Category: Calculus

Computing e to Any Power (Part 3)

In this series, I’m exploring the following ancedote from the book Surely You’re Joking, Mr. Feynman!, which I read and re-read when I was young until I almost had the book memorized.

One day at Princeton I was sitting in the lounge and overheard some mathematicians talking about the series for e^x, which is 1 + x + x^2/2! + x^3/3! Each term you get by multiplying the preceding term by x and dividing by the next number. For example, to get the next term after x^4/4! you multiply that term by x and divide by 5. It’s very simple.

When I was a kid I was excited by series, and had played with this thing. I had computed e using that series, and had seen how quickly the new terms became very small.

I mumbled something about how it was easy to calculate e to any power using that series (you just substitute the power for x).

“Oh yeah?” they said. “Well, then what’s e to the 3.3?” said some joker—I think it was Tukey.

I say, “That’s easy. It’s 27.11.”

Tukey knows it isn’t so easy to compute all that in your head. “Hey! How’d you do that?”

Another guy says, “You know Feynman, he’s just faking it. It’s not really right.”

They go to get a table, and while they’re doing that, I put on a few more figures.: “27.1126,” I say.

They find it in the table. “It’s right! But how’d you do it!”
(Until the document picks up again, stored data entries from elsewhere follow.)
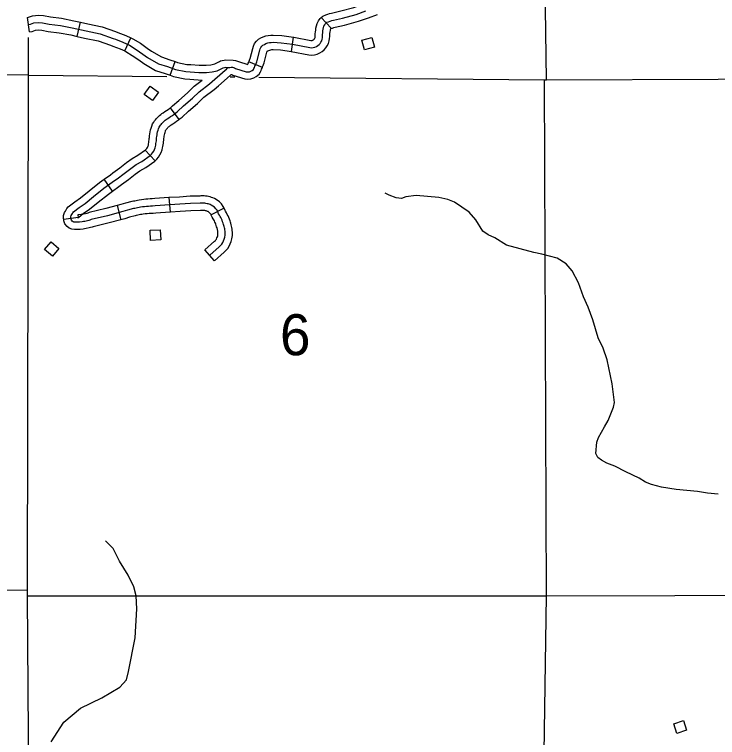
# Model space of a CAD drawing. Extents: x -19 to 366, y -4 to 359.
# Drawn here: x 139.362 to 140.733, y 202.778 to 204.187 of the extents above; entities that cross this region are included whole.
import ezdxf

# ---------------------------------------------------------------- set-up
doc = ezdxf.new("R2010")
doc.units = 0
for name, color, linetype in [('Level 2', 7, 'Continuous'), ('Level 32', 7, 'Continuous'), ('Level 35', 7, 'Continuous'), ('Level 4', 7, 'Continuous'), ('Level 5', 7, 'Continuous'), ('Level 56', 7, 'Continuous'), ('Level 60', 7, 'Continuous')]:
    doc.layers.add(name, color=color, linetype=linetype)

msp = doc.modelspace()

# ---------------------------------------------------------------- linework, layer by layer
at = {"layer": 'Level 2'}
for points in [[(139.3896, 204.0685), (139.3895, 204.1418)], [(139.3896, 204.0685), (138.383, 204.0778), (138.3761, 204.0776), (137.7294, 204.084)]]:
    msp.add_lwpolyline(points, dxfattribs=at)
at = {"layer": 'Level 32'}
for p, q in [((139.3916, 204.1531), (139.3873, 204.1812)), ((139.9799, 204.1602), (139.9603, 204.1808)), ((139.4847, 204.1439), (139.4908, 204.1717)), ((139.5772, 204.1157), (139.589, 204.1415)), ((139.9023, 204.1145), (139.9063, 204.1427)), ((139.6656, 204.0682), (139.6755, 204.0948)), ((139.8456, 204.0836), (139.8194, 204.0945)), ((139.6833, 203.9824), (139.6662, 204.005)), ((139.6366, 203.9016), (139.617, 203.9221)), ((139.5535, 203.8426), (139.537, 203.8657)), ((139.6634, 203.8299), (139.6655, 203.8016)), ((139.5624, 203.8142), (139.5697, 203.7868)), ((139.7709, 203.8095), (139.7459, 203.796)), ((139.4863, 203.7911), (139.4582, 203.787)), ((139.7522, 203.7069), (139.7334, 203.7281))]:
    msp.add_line(p, q, dxfattribs=at)
for points in [[(139.9603, 204.1808), (139.9635, 204.1838), (139.9696, 204.1861), (139.9731, 204.1873), (139.9766, 204.1884), (139.9804, 204.1896), (139.9987, 204.1937), (140.0242, 204.2006), (140.0427, 204.2073), (140.0606, 204.2136)], [(139.9642, 204.1579), (139.9647, 204.1611), (139.9657, 204.1641), (139.9671, 204.1669), (139.9689, 204.1694), (139.9712, 204.1715), (139.9743, 204.1727), (139.9776, 204.1738), (139.9808, 204.1748), (139.984, 204.1758), (140.0021, 204.1799), (140.0285, 204.187), (140.0475, 204.1939)], [(139.3873, 204.1812), (139.3896, 204.1815), (139.3971, 204.1842), (139.4089, 204.1852), (139.4189, 204.1846), (139.4322, 204.1819), (139.4539, 204.1793), (139.4777, 204.1746), (139.4908, 204.1717)], [(139.9063, 204.1427), (139.9066, 204.1426), (139.94, 204.1363), (139.9415, 204.1362), (139.9424, 204.1363), (139.9433, 204.1365), (139.9442, 204.1369), (139.9453, 204.1376), (139.9463, 204.1384), (139.947, 204.1392), (139.9475, 204.14), (139.9479, 204.1408), (139.9482, 204.1417), (139.9484, 204.143), (139.9485, 204.1457), (139.9488, 204.1493), (139.9492, 204.1529), (139.9496, 204.1565), (139.9501, 204.16), (139.9509, 204.1644), (139.9525, 204.1695), (139.9549, 204.1744), (139.9582, 204.1788), (139.9603, 204.1808)], [(139.9788, 204.1592), (139.9791, 204.1593), (139.9821, 204.1603), (139.985, 204.1613), (139.9877, 204.1621), (140.0055, 204.1661), (140.0328, 204.1735), (140.0523, 204.1805), (140.0701, 204.1868)], [(139.3894, 204.1671), (139.3931, 204.1677), (139.4001, 204.1702), (139.409, 204.1709), (139.4171, 204.1705), (139.43, 204.1679), (139.4516, 204.1653), (139.4747, 204.1607), (139.502, 204.1546), (139.5293, 204.1488), (139.5543, 204.1401), (139.5589, 204.1385), (139.5736, 204.1329), (139.5864, 204.1271), (139.5997, 204.1187), (139.6126, 204.1097), (139.6218, 204.1031), (139.643, 204.0908), (139.6606, 204.0852), (139.6762, 204.0794), (139.6963, 204.0754), (139.705, 204.075), (139.7218, 204.0737), (139.7368, 204.0737), (139.7475, 204.0749), (139.7571, 204.0768), (139.7628, 204.0795), (139.7691, 204.0827), (139.7746, 204.084), (139.778, 204.0832)], [(139.4908, 204.1717), (139.5051, 204.1685), (139.5332, 204.1625), (139.559, 204.1535), (139.5638, 204.1518), (139.579, 204.146), (139.589, 204.1415)], [(139.3916, 204.1531), (139.3966, 204.1539), (139.4031, 204.1562), (139.4092, 204.1567), (139.4153, 204.1563), (139.4277, 204.1538), (139.4494, 204.1513), (139.4718, 204.1468), (139.4847, 204.1439)], [(139.778, 204.0832), (139.7818, 204.0835), (139.7847, 204.0839), (139.787, 204.0839), (139.7893, 204.0834), (139.7914, 204.0827), (139.7934, 204.0816), (139.8142, 204.0753), (139.8172, 204.075), (139.8202, 204.0753), (139.8231, 204.0762), (139.8257, 204.0776), (139.828, 204.0796), (139.8291, 204.0816), (139.8301, 204.0837), (139.8311, 204.0858), (139.832, 204.0879), (139.8329, 204.0901), (139.8338, 204.0923), (139.8347, 204.0945), (139.8355, 204.0968), (139.8405, 204.1169), (139.8413, 204.1198), (139.8426, 204.1226), (139.8445, 204.125), (139.8467, 204.127), (139.8494, 204.1285), (139.8526, 204.13), (139.856, 204.1312), (139.8594, 204.132), (139.863, 204.1324), (139.8665, 204.1325), (139.882, 204.1317), (139.9043, 204.1286), (139.9381, 204.1222), (139.9414, 204.1219), (139.9447, 204.1222), (139.9479, 204.123), (139.951, 204.1244), (139.9538, 204.1262), (139.9561, 204.1281), (139.9581, 204.1303), (139.9598, 204.1328), (139.9612, 204.1356), (139.962, 204.1384), (139.9625, 204.1414), (139.9627, 204.1447), (139.963, 204.148), (139.9633, 204.1513), (139.9637, 204.1546), (139.9642, 204.1579)], [(139.902, 204.1146), (139.9361, 204.1081), (139.9413, 204.1077), (139.947, 204.1081), (139.9525, 204.1095), (139.9578, 204.1118), (139.9622, 204.1147), (139.9659, 204.1178), (139.9693, 204.1215), (139.9722, 204.1257), (139.9744, 204.1304), (139.9759, 204.1352), (139.9767, 204.1399), (139.9769, 204.1437), (139.9771, 204.1467), (139.9774, 204.1497), (139.9778, 204.1527), (139.9782, 204.1557), (139.9786, 204.1578), (139.9789, 204.1587), (139.9792, 204.1594), (139.9796, 204.1599), (139.9799, 204.1602)], [(139.4847, 204.1439), (139.499, 204.1407), (139.5255, 204.1351), (139.5496, 204.1267), (139.554, 204.1251), (139.5681, 204.1198), (139.5772, 204.1157)], [(139.589, 204.1415), (139.5931, 204.1396), (139.6076, 204.1306), (139.6209, 204.1213), (139.6295, 204.115), (139.6488, 204.1039), (139.6653, 204.0986), (139.6755, 204.0948)], [(139.8194, 204.0945), (139.8198, 204.0955), (139.8206, 204.0974), (139.8213, 204.0994), (139.8219, 204.1009), (139.8267, 204.1205), (139.828, 204.1249), (139.8305, 204.1301), (139.834, 204.1347), (139.8383, 204.1385), (139.8428, 204.1411), (139.8473, 204.1432), (139.8521, 204.1449), (139.8569, 204.146), (139.8619, 204.1466), (139.8667, 204.1467), (139.8833, 204.1459), (139.9063, 204.1427)], [(139.5772, 204.1157), (139.5796, 204.1145), (139.5919, 204.1069), (139.6044, 204.0981), (139.6141, 204.0911), (139.6372, 204.0778), (139.656, 204.0717), (139.6656, 204.0682)], [(139.8456, 204.0836), (139.8461, 204.0847), (139.8471, 204.0872), (139.848, 204.0896), (139.8491, 204.0926), (139.8542, 204.1133), (139.8546, 204.1148), (139.8548, 204.115), (139.8549, 204.1153), (139.8552, 204.1155), (139.856, 204.1159), (139.8579, 204.1168), (139.8599, 204.1175), (139.862, 204.118), (139.864, 204.1183), (139.8663, 204.1183), (139.8806, 204.1176), (139.9023, 204.1145)], [(139.6755, 204.0948), (139.6801, 204.0931), (139.6981, 204.0896), (139.7059, 204.0892), (139.7224, 204.0879), (139.7359, 204.0879), (139.7453, 204.0889), (139.7526, 204.0904), (139.7565, 204.0923), (139.7618, 204.0949)], [(139.7618, 204.0949), (139.7642, 204.0961), (139.7741, 204.0985)], [(139.7741, 204.0985), (139.7886, 204.098), (139.793, 204.0972), (139.7972, 204.0957), (139.7989, 204.0948), (139.8169, 204.0893), (139.817, 204.0893), (139.8173, 204.0898), (139.8181, 204.0916), (139.819, 204.0935), (139.8194, 204.0945)], [(139.7354, 203.8184), (139.7332, 203.8187), (139.731, 203.8189), (139.7288, 203.8189), (139.7265, 203.8189), (139.7243, 203.8187), (139.7051, 203.8183), (139.6846, 203.8168), (139.6652, 203.8158), (139.6367, 203.8136), (139.6315, 203.8132), (139.6275, 203.813), (139.6235, 203.8128), (139.6195, 203.8125), (139.6156, 203.8121), (139.6116, 203.8116), (139.6077, 203.8112), (139.605, 203.8105), (139.6023, 203.8099), (139.5997, 203.8093), (139.597, 203.8088), (139.5943, 203.8083), (139.5824, 203.8053), (139.5734, 203.8025), (139.5435, 203.7945), (139.5119, 203.7869), (139.5094, 203.7861), (139.5069, 203.7854), (139.5043, 203.7847), (139.4992, 203.7836), (139.4966, 203.7831), (139.494, 203.7826), (139.4888, 203.782), (139.4847, 203.7817), (139.4803, 203.7817), (139.4782, 203.782), (139.4763, 203.7829), (139.4745, 203.7841), (139.4731, 203.7857), (139.4724, 203.7879), (139.4721, 203.7902), (139.4721, 203.7925), (139.473, 203.795), (139.4739, 203.7968), (139.475, 203.7986), (139.476, 203.8002), (139.4772, 203.8019), (139.4881, 203.8103), (139.4998, 203.8183), (139.5164, 203.8323), (139.5367, 203.848), (139.5575, 203.8629), (139.5625, 203.8667), (139.5761, 203.8767), (139.5889, 203.8868), (139.5992, 203.8941), (139.6104, 203.9004), (139.6267, 203.9118), (139.6293, 203.9143), (139.6316, 203.9171), (139.6336, 203.9201), (139.6352, 203.9234), (139.6365, 203.9268), (139.6371, 203.9295), (139.6376, 203.9322), (139.6381, 203.935), (139.6385, 203.9377), (139.6389, 203.9406), (139.6392, 203.9434), (139.6394, 203.9462), (139.6396, 203.9491), (139.6401, 203.9521), (139.6406, 203.9551), (139.6413, 203.9582), (139.6422, 203.9611), (139.6431, 203.9641), (139.6442, 203.967), (139.6455, 203.9689), (139.6468, 203.9708), (139.6482, 203.9726), (139.6497, 203.9744), (139.6513, 203.9761), (139.6529, 203.9777), (139.6545, 203.9792), (139.6563, 203.9807), (139.6581, 203.9821), (139.6599, 203.9834), (139.6633, 203.9856), (139.6667, 203.9879), (139.67, 203.9902), (139.6733, 203.9926), (139.6765, 203.9951), (139.6798, 203.9976), (139.6918, 204.0086), (139.7091, 204.0238), (139.722, 204.0363), (139.7424, 204.0516), (139.7731, 204.0783), (139.7753, 204.0803), (139.778, 204.0832)], [(139.7599, 204.048), (139.7825, 204.0677), (139.7845, 204.0695), (139.7856, 204.0697), (139.7856, 204.0697), (139.7857, 204.0697), (139.7879, 204.0684), (139.8115, 204.0613), (139.8173, 204.0607), (139.8231, 204.0613), (139.8286, 204.063), (139.8337, 204.0658), (139.8393, 204.0705), (139.8418, 204.0752), (139.8429, 204.0775), (139.844, 204.0799), (139.8451, 204.0823), (139.8456, 204.0836)], [(139.6656, 204.0682), (139.6723, 204.0657), (139.6946, 204.0613), (139.7041, 204.0608), (139.7284, 204.0589)], [(139.6662, 204.005), (139.6679, 204.0063), (139.6706, 204.0085), (139.6824, 204.0192), (139.6995, 204.0342), (139.7127, 204.0471), (139.7284, 204.0589)], [(139.6833, 203.9824), (139.6852, 203.9838), (139.689, 203.9868), (139.7013, 203.998), (139.7188, 204.0133), (139.7312, 204.0255), (139.7513, 204.0405), (139.7599, 204.048)], [(139.617, 203.9221), (139.6189, 203.924), (139.6202, 203.9256), (139.6213, 203.9272), (139.6222, 203.9291), (139.6228, 203.9308), (139.6232, 203.9323), (139.6236, 203.9347), (139.6241, 203.9372), (139.6244, 203.9397), (139.6248, 203.9423), (139.6251, 203.9448), (139.6253, 203.9473), (139.6255, 203.9505), (139.626, 203.9544), (139.6267, 203.9581), (139.6276, 203.9617), (139.6286, 203.9652), (139.6297, 203.9688), (139.6315, 203.9734), (139.6337, 203.9769), (139.6353, 203.9792), (139.6372, 203.9816), (139.639, 203.9838), (139.641, 203.9859), (139.643, 203.9879), (139.6452, 203.9899), (139.6474, 203.9918), (139.6496, 203.9935), (139.652, 203.9952), (139.6555, 203.9975), (139.6586, 203.9996), (139.6617, 204.0018), (139.6648, 204.004), (139.6662, 204.005)], [(139.6366, 203.9016), (139.6397, 203.9046), (139.6431, 203.9086), (139.6459, 203.913), (139.6483, 203.9177), (139.6502, 203.9228), (139.651, 203.9267), (139.6516, 203.9297), (139.6521, 203.9327), (139.6526, 203.9358), (139.653, 203.9388), (139.6533, 203.942), (139.6536, 203.9451), (139.6538, 203.9476), (139.6541, 203.9499), (139.6545, 203.9522), (139.6551, 203.9546), (139.6558, 203.957), (139.6565, 203.9594), (139.6569, 203.9605), (139.6573, 203.961), (139.6582, 203.9624), (139.6593, 203.9637), (139.6604, 203.965), (139.6615, 203.9663), (139.6627, 203.9675), (139.6639, 203.9686), (139.6652, 203.9697), (139.6666, 203.9707), (139.6679, 203.9717), (139.6711, 203.9738), (139.6747, 203.9762), (139.6782, 203.9786), (139.6818, 203.9812), (139.6833, 203.9824)], [(139.537, 203.8657), (139.5491, 203.8744), (139.5541, 203.8781), (139.5674, 203.888), (139.5804, 203.8982), (139.5915, 203.9061), (139.6028, 203.9124), (139.6176, 203.9228), (139.617, 203.9221)], [(139.5535, 203.8426), (139.5658, 203.8514), (139.571, 203.8553), (139.5847, 203.8654), (139.5975, 203.8754), (139.6068, 203.8821), (139.618, 203.8884), (139.6357, 203.9008), (139.6366, 203.9016)], [(139.4582, 203.787), (139.4579, 203.7892), (139.4579, 203.795), (139.46, 203.8007), (139.4614, 203.8036), (139.4629, 203.806), (139.4644, 203.8084), (139.467, 203.8119), (139.4797, 203.8217), (139.4911, 203.8296), (139.5075, 203.8433), (139.5282, 203.8594), (139.537, 203.8657)], [(139.4865, 203.7901), (139.4871, 203.7911), (139.4875, 203.7919), (139.4964, 203.7988), (139.5084, 203.807), (139.5253, 203.8212), (139.5452, 203.8366), (139.5535, 203.8426)], [(139.6634, 203.8299), (139.6356, 203.8278), (139.6306, 203.8274), (139.6267, 203.8272), (139.6225, 203.8269), (139.6183, 203.8266), (139.6141, 203.8262), (139.6099, 203.8258), (139.6051, 203.8251), (139.6018, 203.8243), (139.5993, 203.8238), (139.5968, 203.8232), (139.5944, 203.8228), (139.5913, 203.8223), (139.5785, 203.819), (139.5695, 203.8161), (139.5624, 203.8142)], [(139.7709, 203.8095), (139.7691, 203.8127), (139.7657, 203.8174), (139.7617, 203.8215), (139.7573, 203.825), (139.7524, 203.8279), (139.7492, 203.8293), (139.7464, 203.8303), (139.7435, 203.8312), (139.7406, 203.8319), (139.7377, 203.8324), (139.7347, 203.8328), (139.7318, 203.8331), (139.7288, 203.8332), (139.7258, 203.8331), (139.7236, 203.8329), (139.7045, 203.8324), (139.6837, 203.831), (139.6643, 203.83), (139.6634, 203.8299)], [(139.5624, 203.8142), (139.54, 203.8083), (139.5081, 203.8006), (139.5053, 203.7998), (139.5031, 203.7991), (139.5008, 203.7985), (139.4964, 203.7975), (139.4941, 203.7971), (139.4919, 203.7967), (139.4875, 203.7961), (139.4856, 203.796), (139.4863, 203.7911)], [(139.7428, 203.7175), (139.7616, 203.7342), (139.7642, 203.7365), (139.7665, 203.7392), (139.7684, 203.7422), (139.7698, 203.7454), (139.7713, 203.7489), (139.7724, 203.7526), (139.7729, 203.7564), (139.7728, 203.7602), (139.7728, 203.7624), (139.7727, 203.7646), (139.7725, 203.7668), (139.7722, 203.769), (139.7718, 203.7711), (139.7712, 203.7733), (139.7706, 203.7754), (139.7698, 203.7775), (139.769, 203.7802), (139.768, 203.7829), (139.767, 203.7856), (139.7658, 203.7882), (139.7645, 203.7908), (139.7632, 203.7933), (139.7618, 203.7958), (139.7602, 203.7982), (139.7589, 203.8018), (139.7571, 203.8051), (139.7548, 203.8082), (139.7522, 203.8109), (139.7492, 203.8133), (139.746, 203.8152), (139.7439, 203.8161), (139.7419, 203.8168), (139.7397, 203.8175), (139.7376, 203.818), (139.7354, 203.8184)], [(139.6655, 203.8016), (139.6378, 203.7994), (139.6324, 203.799), (139.6282, 203.7988), (139.6245, 203.7986), (139.6208, 203.7983), (139.617, 203.7979), (139.6133, 203.7975), (139.6103, 203.7972), (139.6082, 203.7967), (139.6054, 203.796), (139.6026, 203.7954), (139.5995, 203.7948), (139.5972, 203.7944), (139.5863, 203.7917), (139.5774, 203.7888), (139.5697, 203.7868)], [(139.7459, 203.796), (139.745, 203.7975), (139.744, 203.799), (139.7426, 203.8004), (139.7412, 203.8015), (139.7396, 203.8025), (139.7387, 203.8028), (139.7374, 203.8033), (139.736, 203.8038), (139.7345, 203.8041), (139.7331, 203.8044), (139.7317, 203.8046), (139.7302, 203.8047), (139.7288, 203.8047), (139.7273, 203.8047), (139.7251, 203.8045), (139.7058, 203.8041), (139.6855, 203.8026), (139.6661, 203.8016), (139.6655, 203.8016)], [(139.7522, 203.7069), (139.7711, 203.7236), (139.7744, 203.7266), (139.778, 203.7308), (139.7809, 203.7354), (139.7828, 203.7396), (139.7848, 203.7441), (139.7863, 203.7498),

“I just summed the series.”

“Nobody can sum the series that fast. You must just happen to know that one. How about e to the 3?”

“Look,” I say. “It’s hard work! Only one a day!”

“Hah! It’s a fake!” they say, happily.

“All right,” I say, “It’s 20.085.”

They look in the book as I put a few more figures on. They’re all excited now, because I got another one right.

Here are these great mathematicians of the day, puzzled at how I can compute e to any power! One of them says, “He just can’t be substituting and summing—it’s too hard. There’s some trick. You couldn’t do just any old number like e to the 1.4.”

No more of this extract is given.